*** Data Section Begins ***

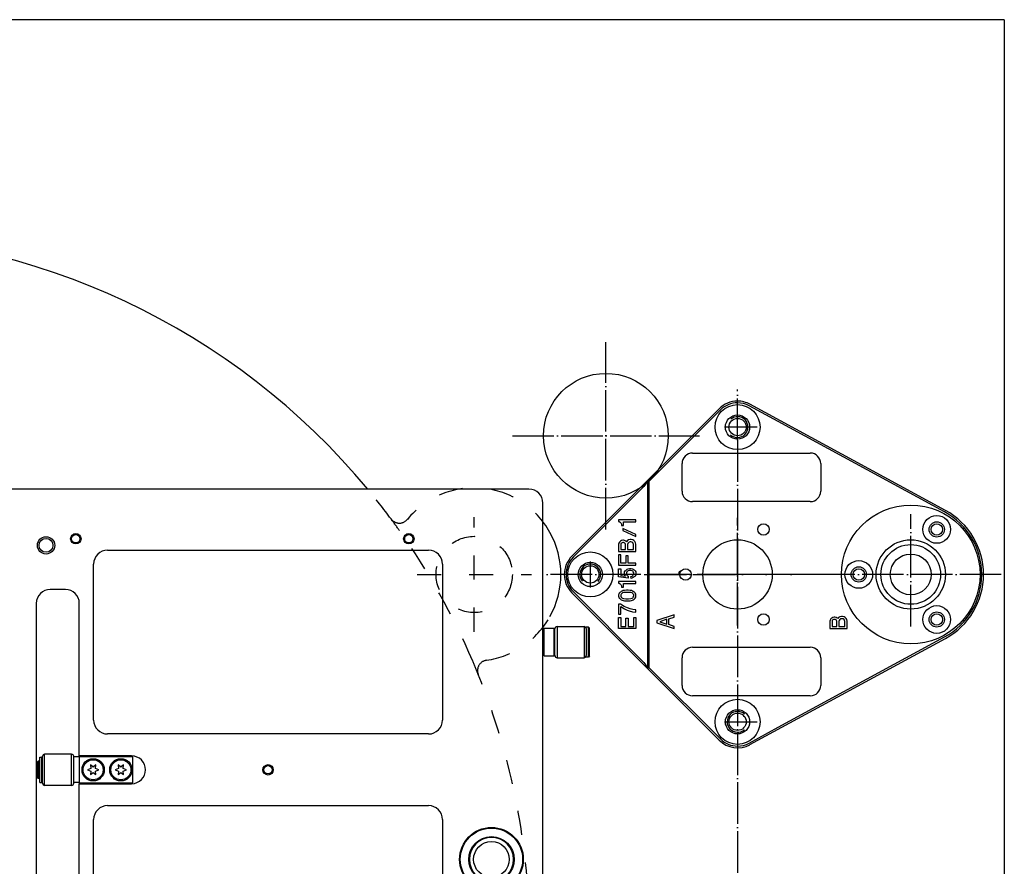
# Model space of a CAD drawing. Extents: x -1765 to 4890, y -3431 to 1272.
# Tile 71 of 189: x -34 to 250, y -1676 to -1432. Entities that reach past the tile are written whole.
import ezdxf

# ---------------------------------------------------------------- set-up
doc = ezdxf.new("R2010")
doc.units = 0
doc.linetypes.add('DASHED', pattern=[15, 7, -8])
doc.linetypes.add('DOT_CENTER', pattern=[14, 12, -1, 0, -1])
doc.layers.get('0').update_dxf_attribs({"linetype": 'CONTINUOUS'})
doc.layers.add('1', color=7, linetype='CONTINUOUS')

# ---------------------------------------------------------------- blocks, each defined once
blk = doc.blocks.new('PIN__241', base_point=(203, -1611.88))
at = {"layer": '1', "color": 4, "linetype": 'CONTINUOUS'}
for centre, radius in [((223, -1591.88), 20), ((230.5, -1578.89), 4), ((230.5, -1578.89), 2.2), ((223, -1591.88), 10), ((223, -1591.88), 8.6), ((208, -1591.88), 4), ((223, -1591.88), 5.9), ((208, -1591.88), 2.2), ((230.5, -1604.87), 4), ((230.5, -1604.87), 2.2)]:
    blk.add_circle(centre, radius, dxfattribs=at)
blk = doc.blocks.new('E7015-23250__242', base_point=(123, -1641.88))
at = {"layer": '1', "color": 6, "linetype": 'CONTINUOUS'}
for p, q in [((233.02, -1573.42), (176.58, -1542.79)), ((147, -1564.77), (167.7, -1544.08)), ((147.5, -1564.98), (168.05, -1544.43)), ((184.76, -1547.8), (176.34, -1543.23)), ((232.78, -1573.86), (184.76, -1547.8)), ((160, -1556.88), (194, -1556.88)), ((157, -1567.88), (157, -1559.88)), ((197, -1559.88), (197, -1567.88)), ((125.2, -1586.58), (147, -1564.77)), ((147.5, -1564.98), (147, -1564.77)), ((147, -1564.77), (147, -1618.99)), ((147.5, -1618.78), (147.5, -1564.98)), ((125.55, -1586.93), (146, -1566.48)), ((194, -1570.88), (160, -1570.88)), ((143.67, -1576.13), (138.67, -1576.13)), ((138.67, -1576.13), (138.67, -1576.58)), ((138.67, -1576.58), (138.86, -1576.63)), ((138.86, -1576.63), (139.11, -1576.8)), ((139.11, -1576.8), (139.3, -1576.97)), ((139.3, -1576.97), (139.42, -1577.19)), ((139.42, -1577.19), (139.49, -1577.36)), ((140.05, -1577.76), (140.05, -1576.69)), ((140.05, -1576.69), (143.67, -1576.69)), ((143.67, -1576.69), (143.67, -1576.13)), ((139.49, -1577.36), (139.55, -1577.64)), ((139.55, -1577.64), (139.55, -1577.76)), ((139.55, -1577.76), (140.05, -1577.76)), ((143.67, -1580.34), (139.92, -1578.66)), ((139.92, -1578.66), (139.92, -1579.22)), ((139.92, -1579.22), (143.67, -1580.91)), ((138.74, -1582.88), (138.67, -1583.16)), ((138.92, -1582.54), (138.74, -1582.88)), ((139.17, -1582.31), (138.92, -1582.54)), ((139.55, -1582.09), (139.17, -1582.31)), ((139.36, -1582.99), (139.3, -1583.21)), ((139.49, -1582.82), (139.36, -1582.99)), ((139.67, -1582.71), (139.49, -1582.82)), ((139.86, -1582.03), (139.55, -1582.09)), ((139.86, -1582.65), (139.67, -1582.71)), ((140.11, -1582.03), (139.86, -1582.03)), ((140.11, -1582.65), (139.86, -1582.65)), ((140.42, -1582.09), (140.11, -1582.03)), ((140.3, -1582.71), (140.11, -1582.65)), ((140.49, -1582.82), (140.3, -1582.71)), ((140.8, -1582.31), (140.42, -1582.09)), ((140.61, -1582.99), (140.49, -1582.82)), ((140.67, -1583.21), (140.61, -1582.99)), ((140.92, -1582.43), (140.8, -1582.31)), ((141.17, -1582.14), (140.92, -1582.43)), ((141.55, -1581.92), (141.17, -1582.14)), ((141.3, -1582.93), (141.24, -1583.21)), ((141.49, -1582.71), (141.3, -1582.93)), ((141.74, -1582.54), (141.49, -1582.71)), ((141.99, -1581.81), (141.55, -1581.92)), ((141.99, -1582.48), (141.74, -1582.54)), ((142.3, -1581.81), (141.99, -1581.81)), ((142.24, -1582.48), (141.99, -1582.48)), ((142.49, -1582.54), (142.24, -1582.48)), ((142.74, -1581.92), (142.3, -1581.81)), ((142.74, -1582.71), (142.49, -1582.54)), ((143.05, -1582.09), (142.74, -1581.92)), ((142.92, -1582.93), (142.74, -1582.71)), ((142.99, -1583.21), (142.92, -1582.93)), ((143.36, -1582.37), (143.05, -1582.09)), ((143.55, -1582.71), (143.36, -1582.37)), ((143.67, -1583.16), (143.55, -1582.71)), ((143.67, -1580.91), (143.67, -1580.34)), ((138.67, -1583.16), (138.67, -1585.29)), ((138.67, -1585.29), (143.67, -1585.29)), ((139.3, -1583.21), (139.3, -1584.68)), ((139.3, -1584.68), (140.67, -1584.68)), ((140.67, -1584.68), (140.67, -1583.21)), ((141.24, -1583.21), (141.24, -1584.68)), ((141.24, -1584.68), (142.99, -1584.68)), ((142.99, -1584.68), (142.99, -1583.21)), ((143.67, -1585.29), (143.67, -1583.16)), ((139.3, -1586.19), (138.67, -1586.19)), ((138.67, -1586.19), (138.67, -1589.23)), ((139.3, -1588.61), (139.3, -1586.19)), ((140.8, -1588.61), (139.3, -1588.61)), ((141.42, -1586.53), (140.8, -1586.53)), ((140.8, -1586.53), (140.8, -1588.61)), ((141.42, -1588.61), (141.42, -1586.53)), ((143.67, -1588.61), (141.42, -1588.61)), ((143.67, -1589.23), (143.67, -1588.61)), ((138.67, -1589.23), (143.67, -1589.23)), ((138.67, -1592.61), (138.67, -1590.3)), ((138.67, -1590.3), (139.3, -1590.3)), ((139.3, -1590.3), (139.3, -1592.16)), ((140.36, -1591.43), (140.42, -1591.14)), ((140.36, -1591.71), (140.36, -1591.43)), ((140.42, -1591.14), (140.55, -1590.86)), ((140.55, -1590.86), (140.74, -1590.69)), ((140.74, -1590.69), (140.92, -1590.53)), ((140.92, -1590.53), (141.17, -1590.36)), ((141.05, -1591.14), (140.92, -1591.43)), ((140.92, -1591.43), (140.92, -1591.71)), ((141.24, -1590.92), (141.05, -1591.14)), ((141.17, -1590.36), (141.42, -1590.24)), ((141.42, -1590.81), (141.24, -1590.92)), ((141.42, -1590.24), (141.8, -1590.13)), ((141.74, -1590.69), (141.42, -1590.81)), ((142.24, -1590.69), (141.74, -1590.69)), ((141.8, -1590.13), (142.3, -1590.13)), ((142.55, -1590.81), (142.24, -1590.69)), ((142.3, -1590.13), (142.67, -1590.24)), ((142.74, -1590.92), (142.55, -1590.81)), ((142.67, -1590.24), (142.92, -1590.36)), ((142.92, -1591.14), (142.74, -1590.92)), ((142.92, -1590.36), (143.17, -1590.53)), ((143.05, -1591.43), (142.92, -1591.14)), ((143.05, -1591.71), (143.05, -1591.43)), ((143.17, -1590.53), (143.36, -1590.69)), ((143.36, -1590.69), (143.49, -1590.86)), ((143.49, -1590.86), (143.61, -1591.14)), ((143.61, -1591.14), (143.67, -1591.43)), ((143.67, -1591.43), (143.67, -1591.71)), ((141.42, -1592.94), (138.67, -1592.61)), ((143.67, -1593.9), (138.67, -1593.9)), ((138.67, -1593.9), (138.67, -1594.35)), ((138.67, -1594.35), (138.86, -1594.41)), ((139.3, -1592.16), (140.67, -1592.33)), ((140.49, -1592.04), (140.36, -1591.71)), ((140.67, -1592.33), (140.49, -1592.04)), ((140.92, -1591.71), (141.05, -1592.04)), ((141.05, -1592.04), (141.24, -1592.27)), ((141.24, -1592.27), (141.42, -1592.38)), ((141.42, -1592.38), (141.42, -1592.94)), ((142.24, -1592.44), (142.55, -1592.33)), ((142.3, -1593), (142.24, -1592.44)), ((142.67, -1592.89), (142.3, -1593)), ((142.55, -1592.33), (142.74, -1592.21)), ((142.92, -1592.78), (142.67, -1592.89)), ((142.74, -1592.21), (142.92, -1591.99)), ((142.92, -1591.99), (143.05, -1591.71)), ((143.17, -1592.61), (142.92, -1592.78)), ((143.36, -1592.44), (143.17, -1592.61)), ((143.49, -1592.27), (143.36, -1592.44)), ((143.61, -1591.99), (143.49, -1592.27)), ((143.67, -1591.71), (143.61, -1591.99)), ((143.67, -1594.46), (143.67, -1593.9)), ((147, -1618.99), (125.2, -1597.18)), ((146, -1617.28), (125.55, -1596.83)), ((138.86, -1594.41), (139.11, -1594.58)), ((138.99, -1597.11), (138.86, -1597.28)), ((139.17, -1596.94), (138.99, -1597.11)), ((139.11, -1594.58), (139.3, -1594.74)), ((139.42, -1596.77), (139.17, -1596.94)), ((139.3, -1594.74), (139.42, -1594.97)), ((139.42, -1594.97), (139.49, -1595.14)), ((139.67, -1596.66), (139.42, -1596.77)), ((139.49, -1595.14), (139.55, -1595.42)), ((139.55, -1595.42), (139.55, -1595.53)), ((139.55, -1595.53), (140.05, -1595.53)), ((139.99, -1596.54), (139.67, -1596.66)), ((140.11, -1597.11), (139.8, -1597.22)), ((140.36, -1596.49), (139.99, -1596.54)), ((140.05, -1595.53), (140.05, -1594.46)), ((140.05, -1594.46), (143.67, -1594.46)), ((140.8, -1597.05), (140.11, -1597.11)), ((140.92, -1596.43), (140.36, -1596.49)), ((141.55, -1597.05), (140.8, -1597.05)), ((141.42, -1596.43), (140.92, -1596.43)), ((141.99, -1596.49), (141.42, -1596.43)), ((142.24, -1597.11), (141.55, -1597.05)), ((142.36, -1596.54), (141.99, -1596.49)), ((142.55, -1597.22), (142.24, -1597.11)), ((142.67, -1596.66), (142.36, -1596.54)), ((142.92, -1596.77), (142.67, -1596.66)), ((143.17, -1596.94), (142.92, -1596.77)), ((143.36, -1597.11), (143.17, -1596.94)), ((143.49, -1597.28), (143.36, -1597.11)), ((138.74, -1597.56), (138.67, -1597.78)), ((138.67, -1597.78), (138.67, -1598.18)), ((138.67, -1598.18), (138.74, -1598.4)), ((138.86, -1597.28), (138.74, -1597.56)), ((138.74, -1598.4), (138.86, -1598.68)), ((138.86, -1598.68), (138.99, -1598.85)), ((138.99, -1598.85), (139.17, -1599.02)), ((139.17, -1599.02), (139.42, -1599.19)), ((139.42, -1597.56), (139.3, -1597.78)), ((139.3, -1597.78), (139.3, -1598.18)), ((139.3, -1598.18), (139.42, -1598.4)), ((139.61, -1597.33), (139.42, -1597.56)), ((139.42, -1598.4), (139.61, -1598.63)), ((139.42, -1599.19), (139.67, -1599.3)), ((139.8, -1597.22), (139.61, -1597.33)), ((139.61, -1598.63), (139.8, -1598.74)), ((139.67, -1599.3), (139.99, -1599.41)), ((139.8, -1598.74), (140.11, -1598.85)), ((139.99, -1599.41), (140.36, -1599.47)), ((140.11, -1598.85), (140.8, -1598.91)), ((140.36, -1599.47), (140.92, -1599.53)), ((140.8, -1598.91), (141.55, -1598.91)), ((140.92, -1599.53), (141.42, -1599.53)), ((141.42, -1599.53), (141.99, -1599.47)), ((141.55, -1598.91), (142.24, -1598.85)), ((141.99, -1599.47), (142.36, -1599.41)), ((142.24, -1598.85), (142.55, -1598.74)), ((142.36, -1599.41), (142.67, -1599.3)), ((142.74, -1597.33), (142.55, -1597.22)), ((142.55, -1598.74), (142.74, -1598.63)), ((142.67, -1599.3), (142.92, -1599.19)), ((142.92, -1597.56), (142.74, -1597.33)), ((142.74, -1598.63), (142.92, -1598.4)), ((143.05, -1597.78), (142.92, -1597.56)), ((142.92, -1598.4), (143.05, -1598.18)), ((142.92, -1599.19), (143.17, -1599.02)), ((143.05, -1598.18), (143.05, -1597.78)), ((143.17, -1599.02), (143.36, -1598.85)), ((143.36, -1598.85), (143.49, -1598.68)), ((143.61, -1597.56), (143.49, -1597.28)), ((143.49, -1598.68), (143.61, -1598.4)), ((143.67, -1597.78), (143.61, -1597.56)), ((143.61, -1598.4), (143.67, -1598.18)), ((143.67, -1598.18), (143.67, -1597.78)), ((139.24, -1600.43), (138.67, -1600.43)), ((138.67, -1600.43), (138.67, -1603.35)), ((140.3, -1601.1), (139.24, -1600.43)), ((139.3, -1603.35), (139.3, -1601.1)), ((139.3, -1601.1), (140.42, -1601.83)), ((141.24, -1601.55), (140.3, -1601.1)), ((140.42, -1601.83), (141.17, -1602.17)), ((141.17, -1602.17), (141.74, -1602.39)), ((141.99, -1601.83), (141.24, -1601.55)), ((141.74, -1602.39), (142.67, -1602.68)), ((142.74, -1602), (141.99, -1601.83)), ((142.67, -1602.68), (143.67, -1602.79)), ((143.67, -1602.11), (142.74, -1602)), ((143.67, -1602.79), (143.67, -1602.11)), ((138.67, -1603.35), (139.3, -1603.35)), ((138.67, -1607.51), (138.67, -1604.31)), ((138.67, -1604.31), (139.3, -1604.31)), ((139.3, -1604.31), (139.3, -1606.89)), ((140.8, -1606.89), (140.8, -1604.53)), ((140.8, -1604.53), (141.42, -1604.53)), ((141.42, -1604.53), (141.42, -1606.89)), ((143.05, -1606.89), (143.05, -1604.25)), ((143.05, -1604.25), (143.67, -1604.25)), ((143.67, -1604.25), (143.67, -1607.51)), ((154.67, -1603.54), (149.67, -1605.17)), ((149.67, -1605.17), (149.67, -1605.85)), ((152.55, -1604.78), (150.55, -1605.51)), ((150.55, -1605.51), (152.55, -1606.18)), ((152.55, -1606.18), (152.55, -1604.78)), ((153.17, -1604.67), (154.67, -1604.16)), ((153.17, -1606.35), (153.17, -1604.67)), ((154.67, -1604.16), (154.67, -1603.54)), ((199.74, -1605.06), (199.67, -1605.34)), ((199.67, -1605.34), (199.67, -1607.48)), ((199.92, -1604.72), (199.74, -1605.06)), ((200.17, -1604.5), (199.92, -1604.72)), ((200.55, -1604.27), (200.17, -1604.5)), ((200.36, -1605.17), (200.3, -1605.4)), ((200.3, -1605.4), (200.3, -1606.86)), ((200.49, -1605), (200.36, -1605.17)), ((200.67, -1604.89), (200.49, -1605)), ((200.86, -1604.22), (200.55, -1604.27)), ((200.86, -1604.83), (200.67, -1604.89)), ((201.11, -1604.22), (200.86, -1604.22)), ((201.11, -1604.83), (200.86, -1604.83)), ((201.42, -1604.27), (201.11, -1604.22)), ((201.3, -1604.89), (201.11, -1604.83)), ((201.49, -1605), (201.3, -1604.89)), ((201.8, -1604.5), (201.42, -1604.27)), ((201.61, -1605.17), (201.49, -1605)), ((201.67, -1605.4), (201.61, -1605.17)), ((201.67, -1606.86), (201.67, -1605.4)), ((201.92, -1604.61), (201.8, -1604.5)), ((202.17, -1604.33), (201.92, -1604.61)), ((202.55, -1604.1), (202.17, -1604.33)), ((202.3, -1605.12), (202.24, -1605.4)), ((202.24, -1605.4), (202.24, -1606.86)), ((202.49, -1604.89), (202.3, -1605.12)), ((202.74, -1604.72), (202.49, -1604.89)), ((202.99, -1603.99), (202.55, -1604.1)), ((202.99, -1604.67), (202.74, -1604.72)), ((203.3, -1603.99), (202.99, -1603.99)), ((203.24, -1604.67), (202.99, -1604.67)), ((203.49, -1604.72), (203.24, -1604.67)), ((203.74, -1604.1), (203.3, -1603.99)), ((203.74, -1604.89), (203.49, -1604.72)), ((204.05, -1604.27), (203.74, -1604.1)), ((203.92, -1605.12), (203.74, -1604.89)), ((203.99, -1605.4), (203.92, -1605.12)), ((203.99, -1606.86), (203.99, -1605.4)), ((204.36, -1604.55), (204.05, -1604.27)), ((204.55, -1604.89), (204.36, -1604.55)), ((204.67, -1605.34), (204.55, -1604.89)), ((204.67, -1607.48), (204.67, -1605.34)), ((143.67, -1607.51), (138.67, -1607.51)), ((139.3, -1606.89), (140.8, -1606.89)), ((141.42, -1606.89), (143.05, -1606.89)), ((149.67, -1605.85), (154.67, -1607.48)), ((154.67, -1606.86), (153.17, -1606.35)), ((154.67, -1607.48), (154.67, -1606.86)), ((199.67, -1607.48), (204.67, -1607.48)), ((200.3, -1606.86), (201.67, -1606.86)), ((202.24, -1606.86), (203.99, -1606.86)), ((176.58, -1640.97), (233.02, -1610.34)), ((184.76, -1635.96), (232.78, -1609.9)), ((160, -1612.88), (194, -1612.88)), ((157, -1623.88), (157, -1615.88)), ((197, -1615.88), (197, -1623.88)), ((147.5, -1618.78), (147, -1618.99)), ((167.7, -1639.68), (147, -1618.99)), ((168.05, -1639.33), (147.5, -1618.78)), ((194, -1626.88), (160, -1626.88)), ((176.34, -1640.53), (184.76, -1635.96))]:
    blk.add_line(p, q, dxfattribs=at)
at = {"layer": '1', "color": 6, "linetype": 'DOT_CENTER'}
for p, q in [((173, -1591.88), (173, -1575.59)), ((223, -1606.88), (223, -1574.51)), ((146.31, -1591.88), (173, -1591.88)), ((173, -1606.57), (173, -1591.88)), ((194.3, -1591.88), (173, -1591.88)), ((249.14, -1591.88), (194.3, -1591.88))]:
    blk.add_line(p, q, dxfattribs=at)
at = {"layer": '1', "color": 6, "linetype": 'CONTINUOUS'}
for centre, radius in [((173, -1549.38), 6.5), ((173, -1549.38), 3.5), ((180.5, -1578.89), 1.65), ((230.5, -1578.89), 1.65), ((173, -1591.88), 10), ((223, -1591.88), 10), ((130.5, -1591.88), 6.5), ((130.5, -1591.88), 3.5), ((158, -1591.88), 1.65), ((208, -1591.88), 1.65), ((180.5, -1604.87), 1.65), ((230.5, -1604.87), 1.65), ((173, -1634.38), 6.5), ((173, -1634.38), 3.5)]:
    blk.add_circle(centre, radius, dxfattribs=at)
for centre, radius, start, end in [((173, -1549.38), 7.5, 90, 135), ((173, -1549.38), 7, 90, 135), ((173, -1549.38), 7.5, 61.5073, 90), ((173, -1549.38), 7, 61.5073, 90), ((160, -1559.88), 3, 90, 180), ((194, -1559.88), 3, 0, 90), ((144.06, -1564.19), 3, -49.6142, -11.1082), ((160, -1567.88), 3, 180, -90), ((194, -1567.88), 3, -90, 0), ((223, -1591.88), 20.5, 0, 61.5073), ((223, -1591.88), 21, 0, 61.5073), ((130.5, -1591.88), 7.5, 135, 180), ((130.5, -1591.88), 7, 135, 180), ((158, -1591.88), 2, 151.2344, 180), ((130.5, -1591.88), 7.5, 180, -135), ((130.5, -1591.88), 7, 180, -135), ((223, -1591.88), 20.5, -61.5073, 0), ((223, -1591.88), 21, -61.5073, 0), ((160, -1615.88), 3, 90, 180), ((194, -1615.88), 3, 0, 90), ((144.06, -1619.56), 3, 11.1082, 49.6142), ((160, -1623.88), 3, 180, -90), ((194, -1623.88), 3, -90, 0), ((173, -1634.38), 7.5, -135, -61.5073), ((173, -1634.38), 7, -135, -90), ((173, -1634.38), 7, -90, -61.5073)]:
    blk.add_arc(centre, radius, start, end, dxfattribs=at)
at = {"layer": '1'}
blk.add_blockref('PIN__241', (203, -1611.88), dxfattribs=at)
blk = doc.blocks.new('HEADPLATE_TSK__243', base_point=(-521.37, -2707.76))
at = {"layer": '1', "color": 7, "linetype": 'CONTINUOUS'}
for q in [(-480, -1431.88), (250, -2031.88)]:
    blk.add_line((250, -1431.88), q, dxfattribs=at)
at = {"layer": '1', "color": 1, "linetype": 'DOT_CENTER'}
for p, q in [((135, -1578.88), (135, -1524.88)), ((173, -1553.13), (173, -1538.56)), ((178.7, -1549.38), (169.25, -1549.38)), ((108, -1551.88), (162, -1551.88)), ((173, -1553.13), (173, -1797.8)), ((130.5, -1588.13), (130.5, -1595.63)), ((201.52, -1591.88), (116.85, -1591.88)), ((169.25, -1634.38), (178.7, -1634.38))]:
    blk.add_line(p, q, dxfattribs=at)
at = {"layer": '1', "color": 7, "linetype": 'DASHED'}
for p, q in [((97, -1608.38), (97, -1575.38)), ((80.5, -1591.88), (113.5, -1591.88))]:
    blk.add_line(p, q, dxfattribs=at)
at = {"layer": '1', "color": 7, "linetype": 'CONTINUOUS'}
for centre, radius in [((135, -1551.88), 18), ((173, -1549.38), 2.5), ((130.5, -1591.88), 2.5), ((173, -1634.38), 2.5)]:
    blk.add_circle(centre, radius, dxfattribs=at)
at = {"layer": '1', "color": 7, "linetype": 'DASHED'}
blk.add_circle((97, -1591.88), 11, dxfattribs=at)
at = {"layer": '1', "color": 7, "linetype": 'CONTINUOUS'}
for centre, radius, start, end in [((-90, -1696.88), 203, 39.6744, 90), ((97, -1591.88), 25, -29.0186, 29.0186)]:
    blk.add_arc(centre, radius, start, end, dxfattribs=at)
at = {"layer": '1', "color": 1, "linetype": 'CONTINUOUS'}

*** Data Section Ends ***

◆ **Exercise details**: Search the data for the string "linetypes". List each line that has it.

◆ **Answer box**:
doc.linetypes.add('DASHED', pattern=[15, 7, -8])
doc.linetypes.add('DOT_CENTER', pattern=[14, 12, -1, 0, -1])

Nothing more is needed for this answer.